> [ABOUT THIS TASK]:
Look through the data below for the line with "Bounding box: 171.8 x 27.71 x 24 mm (x, y, z)" and the line with "Faces by surface", then output those two and all lines in between, exactly as written.

> [WORKING DATA]:
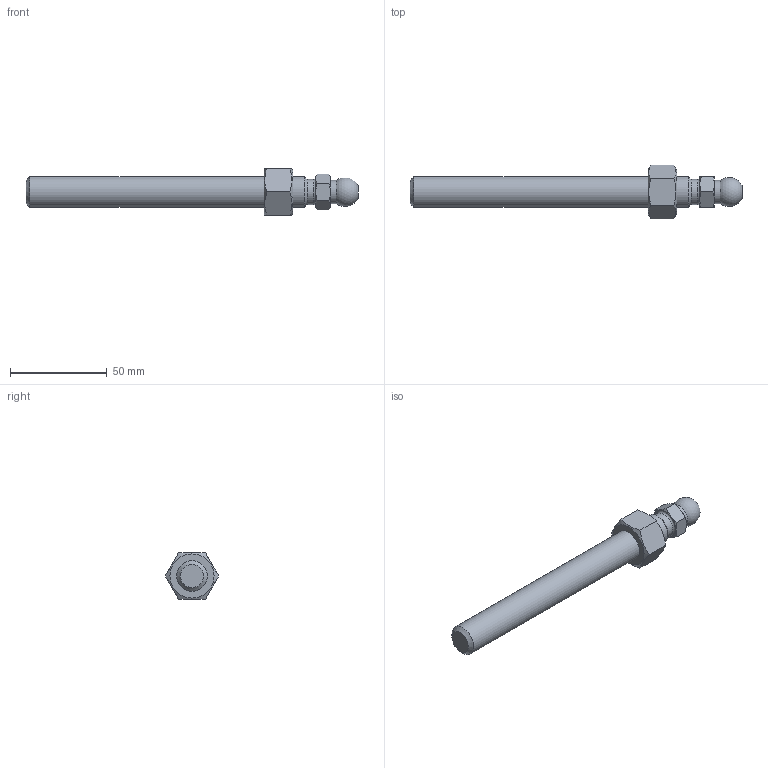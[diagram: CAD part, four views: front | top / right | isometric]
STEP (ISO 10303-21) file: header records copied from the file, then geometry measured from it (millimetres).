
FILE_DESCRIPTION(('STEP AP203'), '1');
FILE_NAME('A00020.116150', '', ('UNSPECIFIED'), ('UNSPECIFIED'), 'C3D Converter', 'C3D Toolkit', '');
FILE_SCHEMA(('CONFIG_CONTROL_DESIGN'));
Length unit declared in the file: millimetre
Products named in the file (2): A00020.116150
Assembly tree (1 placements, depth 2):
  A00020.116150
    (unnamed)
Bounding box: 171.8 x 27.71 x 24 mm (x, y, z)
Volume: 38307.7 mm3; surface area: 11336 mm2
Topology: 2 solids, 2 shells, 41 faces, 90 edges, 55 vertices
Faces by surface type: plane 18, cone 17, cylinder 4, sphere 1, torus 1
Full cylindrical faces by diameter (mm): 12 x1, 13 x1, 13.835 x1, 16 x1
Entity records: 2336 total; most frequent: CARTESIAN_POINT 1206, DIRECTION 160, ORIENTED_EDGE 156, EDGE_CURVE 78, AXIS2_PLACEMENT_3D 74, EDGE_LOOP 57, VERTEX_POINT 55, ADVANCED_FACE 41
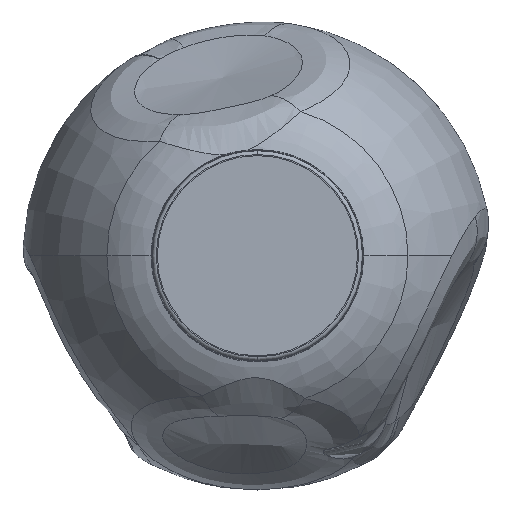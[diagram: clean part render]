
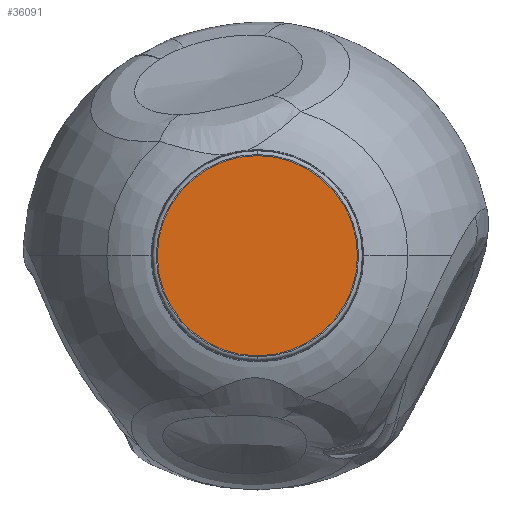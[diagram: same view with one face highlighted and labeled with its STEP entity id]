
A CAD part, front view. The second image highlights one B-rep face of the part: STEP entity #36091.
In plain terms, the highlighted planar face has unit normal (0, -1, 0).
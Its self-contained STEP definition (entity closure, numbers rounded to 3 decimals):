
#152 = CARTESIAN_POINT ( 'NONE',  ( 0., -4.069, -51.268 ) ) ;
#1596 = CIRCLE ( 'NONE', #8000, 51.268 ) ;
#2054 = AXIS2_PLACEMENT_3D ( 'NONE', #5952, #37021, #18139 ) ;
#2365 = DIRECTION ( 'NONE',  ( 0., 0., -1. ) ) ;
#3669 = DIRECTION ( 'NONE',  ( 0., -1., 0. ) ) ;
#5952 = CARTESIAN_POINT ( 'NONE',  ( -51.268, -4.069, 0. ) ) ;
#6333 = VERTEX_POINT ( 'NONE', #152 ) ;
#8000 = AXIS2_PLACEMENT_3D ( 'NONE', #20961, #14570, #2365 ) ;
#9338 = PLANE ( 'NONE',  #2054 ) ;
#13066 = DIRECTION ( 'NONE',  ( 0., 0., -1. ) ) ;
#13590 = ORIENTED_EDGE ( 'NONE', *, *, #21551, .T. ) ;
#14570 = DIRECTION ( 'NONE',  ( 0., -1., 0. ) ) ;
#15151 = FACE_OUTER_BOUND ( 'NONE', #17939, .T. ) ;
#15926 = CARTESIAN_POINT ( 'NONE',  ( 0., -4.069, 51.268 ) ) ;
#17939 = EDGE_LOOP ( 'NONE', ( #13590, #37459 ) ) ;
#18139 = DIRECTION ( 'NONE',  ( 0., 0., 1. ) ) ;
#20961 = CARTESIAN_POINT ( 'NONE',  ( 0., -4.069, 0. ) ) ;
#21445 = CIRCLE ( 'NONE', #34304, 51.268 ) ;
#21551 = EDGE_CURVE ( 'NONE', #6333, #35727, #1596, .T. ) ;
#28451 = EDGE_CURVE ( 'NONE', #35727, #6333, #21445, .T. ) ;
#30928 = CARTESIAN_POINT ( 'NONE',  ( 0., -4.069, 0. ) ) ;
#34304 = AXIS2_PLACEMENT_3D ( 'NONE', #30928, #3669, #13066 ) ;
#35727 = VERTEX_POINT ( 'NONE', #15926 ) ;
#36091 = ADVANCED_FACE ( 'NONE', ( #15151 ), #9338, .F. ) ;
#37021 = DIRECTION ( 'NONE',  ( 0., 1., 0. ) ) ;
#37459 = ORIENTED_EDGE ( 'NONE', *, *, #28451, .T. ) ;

> [SOLUTION TO THIS TASK]:
Bounding box: 171.8 x 27.71 x 24 mm (x, y, z)
Volume: 38307.7 mm3; surface area: 11336 mm2
Topology: 2 solids, 2 shells, 41 faces, 90 edges, 55 vertices
Faces by surface type: plane 18, cone 17, cylinder 4, sphere 1, torus 1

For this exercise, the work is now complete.